HR1 passed the House along partisan lines but is unlikely to move through the Senate, just as Republican bills in the North Carolina General Assembly will almost certainly fail to get past a likely veto by the Governor.

That leaves North Carolina in a partisan standoff. Can we stumble through it?

The 2019 redistricting process gives a hint to how we might. The redistricting plan—mandated by court order, to be sure—included committee meetings streamed online, a web portal allowing real-time public comments, and a map-drawing room open to the public. People other than lawmakers and staff could enter the rooms and watch the process in person.

Both Senate President Pro Tempore Phil Berger and House Speaker Tim Moore, as well as Senate Democrats including Minority leader Dan Blue, have said the process was one to emulate. Leaders have indicated it will be a model for the next round, which will take place when the 2020 census data arrive.

Nobody would say the redistricting debate has been mild. But the process itself has improved. The same can be true for the nuts and bolts of our election laws.

The alternative is ugly. Weaponizing election management for partisan gain leads to distrust in government. It can fuel conspiracy theories. A recent Locke-Civitas poll of likely 2022 general election voters asked if they believed next year’s elections in North Carolina would be “free and fair.” Only 49 percent said yes; 40 percent said no.

A mere 27 percent of Republican respondents expect free and fair elections next year. A slight plurality of unaffiliated voters were confident in the outcome—45 percent yes, 43 percent no. And a hefty 73 percent of Democrats thought the elections would be well-run.

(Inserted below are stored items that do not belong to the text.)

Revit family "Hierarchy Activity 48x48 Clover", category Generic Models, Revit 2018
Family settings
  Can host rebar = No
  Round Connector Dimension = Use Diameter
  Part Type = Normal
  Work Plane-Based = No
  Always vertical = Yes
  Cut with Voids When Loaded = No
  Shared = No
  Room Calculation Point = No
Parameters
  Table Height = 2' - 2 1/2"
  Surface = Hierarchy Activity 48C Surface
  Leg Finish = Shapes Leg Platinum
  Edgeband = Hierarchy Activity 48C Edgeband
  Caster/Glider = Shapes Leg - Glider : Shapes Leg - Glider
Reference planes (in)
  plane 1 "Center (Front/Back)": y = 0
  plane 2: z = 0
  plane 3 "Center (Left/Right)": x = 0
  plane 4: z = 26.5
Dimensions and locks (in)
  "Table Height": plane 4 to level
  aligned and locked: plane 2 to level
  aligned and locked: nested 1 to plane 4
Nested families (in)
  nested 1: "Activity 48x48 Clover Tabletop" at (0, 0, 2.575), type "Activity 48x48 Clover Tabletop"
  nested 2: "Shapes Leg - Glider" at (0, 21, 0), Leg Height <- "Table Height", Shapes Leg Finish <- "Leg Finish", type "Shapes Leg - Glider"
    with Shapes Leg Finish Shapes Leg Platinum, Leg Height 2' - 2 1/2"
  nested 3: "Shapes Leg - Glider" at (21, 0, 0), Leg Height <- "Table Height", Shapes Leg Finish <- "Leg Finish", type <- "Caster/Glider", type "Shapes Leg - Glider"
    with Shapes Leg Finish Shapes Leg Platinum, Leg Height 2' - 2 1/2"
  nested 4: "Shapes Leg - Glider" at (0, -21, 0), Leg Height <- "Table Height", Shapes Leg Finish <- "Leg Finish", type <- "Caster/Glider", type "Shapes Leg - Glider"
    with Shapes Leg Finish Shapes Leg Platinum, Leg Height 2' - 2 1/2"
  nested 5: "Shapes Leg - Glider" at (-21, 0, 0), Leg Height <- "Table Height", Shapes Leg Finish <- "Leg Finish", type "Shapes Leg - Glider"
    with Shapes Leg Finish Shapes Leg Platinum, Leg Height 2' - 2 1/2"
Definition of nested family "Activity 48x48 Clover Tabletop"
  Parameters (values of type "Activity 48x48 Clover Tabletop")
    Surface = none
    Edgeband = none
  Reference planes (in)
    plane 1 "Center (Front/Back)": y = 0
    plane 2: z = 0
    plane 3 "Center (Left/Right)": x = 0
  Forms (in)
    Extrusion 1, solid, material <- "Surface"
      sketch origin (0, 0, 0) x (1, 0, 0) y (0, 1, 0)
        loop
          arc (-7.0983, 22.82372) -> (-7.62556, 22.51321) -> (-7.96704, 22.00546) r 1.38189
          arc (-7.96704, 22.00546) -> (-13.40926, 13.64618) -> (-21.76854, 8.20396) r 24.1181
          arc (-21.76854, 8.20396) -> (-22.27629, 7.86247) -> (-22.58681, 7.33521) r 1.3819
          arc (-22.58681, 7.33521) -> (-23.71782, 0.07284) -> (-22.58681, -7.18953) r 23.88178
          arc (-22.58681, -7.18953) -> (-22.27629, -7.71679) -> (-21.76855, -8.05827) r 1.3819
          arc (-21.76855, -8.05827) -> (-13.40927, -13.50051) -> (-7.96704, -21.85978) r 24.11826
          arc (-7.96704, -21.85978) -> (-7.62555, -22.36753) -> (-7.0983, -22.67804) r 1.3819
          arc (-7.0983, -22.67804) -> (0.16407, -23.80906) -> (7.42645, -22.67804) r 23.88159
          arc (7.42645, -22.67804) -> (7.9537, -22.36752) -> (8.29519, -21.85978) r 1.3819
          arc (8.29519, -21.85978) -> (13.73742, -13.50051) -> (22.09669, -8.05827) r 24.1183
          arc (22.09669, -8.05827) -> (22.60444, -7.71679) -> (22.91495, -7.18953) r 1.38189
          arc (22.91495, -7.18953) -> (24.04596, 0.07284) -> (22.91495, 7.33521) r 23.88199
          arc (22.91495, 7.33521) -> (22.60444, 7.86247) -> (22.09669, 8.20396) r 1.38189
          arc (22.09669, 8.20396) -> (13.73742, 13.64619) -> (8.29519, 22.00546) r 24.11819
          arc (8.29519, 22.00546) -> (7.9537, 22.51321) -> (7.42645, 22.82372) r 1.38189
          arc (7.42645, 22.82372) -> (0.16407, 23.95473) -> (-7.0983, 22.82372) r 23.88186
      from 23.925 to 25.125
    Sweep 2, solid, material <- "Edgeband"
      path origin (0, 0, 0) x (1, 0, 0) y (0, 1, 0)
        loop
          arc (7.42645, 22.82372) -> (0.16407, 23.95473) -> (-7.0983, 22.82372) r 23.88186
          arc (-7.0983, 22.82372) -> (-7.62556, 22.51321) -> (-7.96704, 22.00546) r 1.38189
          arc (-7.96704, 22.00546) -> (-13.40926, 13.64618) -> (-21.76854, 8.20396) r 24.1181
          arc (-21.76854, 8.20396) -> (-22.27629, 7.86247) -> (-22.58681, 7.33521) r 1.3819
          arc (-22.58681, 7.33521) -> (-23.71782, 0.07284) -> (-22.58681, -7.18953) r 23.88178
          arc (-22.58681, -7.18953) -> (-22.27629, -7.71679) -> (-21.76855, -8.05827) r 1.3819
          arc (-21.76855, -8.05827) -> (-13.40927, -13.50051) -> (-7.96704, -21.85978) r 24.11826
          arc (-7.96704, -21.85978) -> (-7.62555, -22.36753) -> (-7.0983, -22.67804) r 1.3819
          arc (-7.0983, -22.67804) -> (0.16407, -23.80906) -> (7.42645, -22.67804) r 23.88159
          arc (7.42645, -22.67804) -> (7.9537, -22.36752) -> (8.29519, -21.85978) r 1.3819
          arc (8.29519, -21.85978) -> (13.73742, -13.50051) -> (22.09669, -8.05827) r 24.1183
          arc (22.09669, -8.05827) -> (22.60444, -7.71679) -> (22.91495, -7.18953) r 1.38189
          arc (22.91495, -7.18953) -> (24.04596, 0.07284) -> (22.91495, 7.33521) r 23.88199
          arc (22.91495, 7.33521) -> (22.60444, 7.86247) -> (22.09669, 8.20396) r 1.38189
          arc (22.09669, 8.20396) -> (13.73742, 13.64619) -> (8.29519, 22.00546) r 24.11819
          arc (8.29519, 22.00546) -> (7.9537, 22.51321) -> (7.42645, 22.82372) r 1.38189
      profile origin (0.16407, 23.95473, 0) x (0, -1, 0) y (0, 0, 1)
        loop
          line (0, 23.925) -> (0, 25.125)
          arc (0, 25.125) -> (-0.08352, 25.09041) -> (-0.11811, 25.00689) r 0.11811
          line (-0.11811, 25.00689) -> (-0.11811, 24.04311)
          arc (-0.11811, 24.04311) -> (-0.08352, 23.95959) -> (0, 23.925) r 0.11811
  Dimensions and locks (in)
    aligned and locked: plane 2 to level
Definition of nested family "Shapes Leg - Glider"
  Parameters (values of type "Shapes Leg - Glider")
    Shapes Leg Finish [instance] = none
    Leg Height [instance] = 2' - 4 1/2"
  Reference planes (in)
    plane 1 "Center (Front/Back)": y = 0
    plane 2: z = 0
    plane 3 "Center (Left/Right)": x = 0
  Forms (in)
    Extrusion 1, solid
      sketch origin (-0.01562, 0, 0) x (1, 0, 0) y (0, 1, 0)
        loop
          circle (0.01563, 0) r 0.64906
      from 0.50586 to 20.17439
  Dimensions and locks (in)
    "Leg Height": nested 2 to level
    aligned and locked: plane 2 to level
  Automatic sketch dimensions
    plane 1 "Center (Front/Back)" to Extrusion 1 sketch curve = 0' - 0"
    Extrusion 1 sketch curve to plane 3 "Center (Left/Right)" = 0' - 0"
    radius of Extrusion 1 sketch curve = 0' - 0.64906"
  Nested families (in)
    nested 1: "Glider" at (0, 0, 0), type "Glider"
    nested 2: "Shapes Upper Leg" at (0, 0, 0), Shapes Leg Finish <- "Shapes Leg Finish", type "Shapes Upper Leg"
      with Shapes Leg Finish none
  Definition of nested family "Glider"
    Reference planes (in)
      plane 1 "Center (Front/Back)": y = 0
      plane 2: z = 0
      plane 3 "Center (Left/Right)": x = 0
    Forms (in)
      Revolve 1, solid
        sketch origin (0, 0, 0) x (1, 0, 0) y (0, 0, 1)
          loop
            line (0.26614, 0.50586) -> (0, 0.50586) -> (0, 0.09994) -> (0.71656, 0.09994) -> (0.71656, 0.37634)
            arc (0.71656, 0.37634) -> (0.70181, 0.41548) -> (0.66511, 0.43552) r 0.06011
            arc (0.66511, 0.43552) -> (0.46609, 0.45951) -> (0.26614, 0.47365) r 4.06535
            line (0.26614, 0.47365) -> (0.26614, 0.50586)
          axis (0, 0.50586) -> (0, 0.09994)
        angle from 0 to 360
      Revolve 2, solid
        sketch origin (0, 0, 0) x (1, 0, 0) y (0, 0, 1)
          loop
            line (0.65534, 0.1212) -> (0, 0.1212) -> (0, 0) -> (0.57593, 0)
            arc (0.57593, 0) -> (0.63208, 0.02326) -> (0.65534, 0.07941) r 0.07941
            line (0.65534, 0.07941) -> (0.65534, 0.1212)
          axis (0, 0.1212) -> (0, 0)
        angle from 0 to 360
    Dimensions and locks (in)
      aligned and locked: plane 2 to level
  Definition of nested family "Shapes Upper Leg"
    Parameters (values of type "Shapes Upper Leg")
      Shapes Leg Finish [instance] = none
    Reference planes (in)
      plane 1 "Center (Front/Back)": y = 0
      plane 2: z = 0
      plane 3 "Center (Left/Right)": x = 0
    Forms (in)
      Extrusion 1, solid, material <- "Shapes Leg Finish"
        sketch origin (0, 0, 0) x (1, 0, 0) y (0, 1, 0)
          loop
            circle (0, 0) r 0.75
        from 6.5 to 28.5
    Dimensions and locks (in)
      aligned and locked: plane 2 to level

We can’t maintain a healthy civic culture if large chunks of voters generally fear that the game is rigged for whomever pulls the levers of power. Elected officials in the Tar Heel State, at times under duress, have shown how to build an election system that encourages participation and deals with bad actors. Turning down the rhetorical temperature just a bit could make North Carolina a national model for running competent elections in an intensely purple state.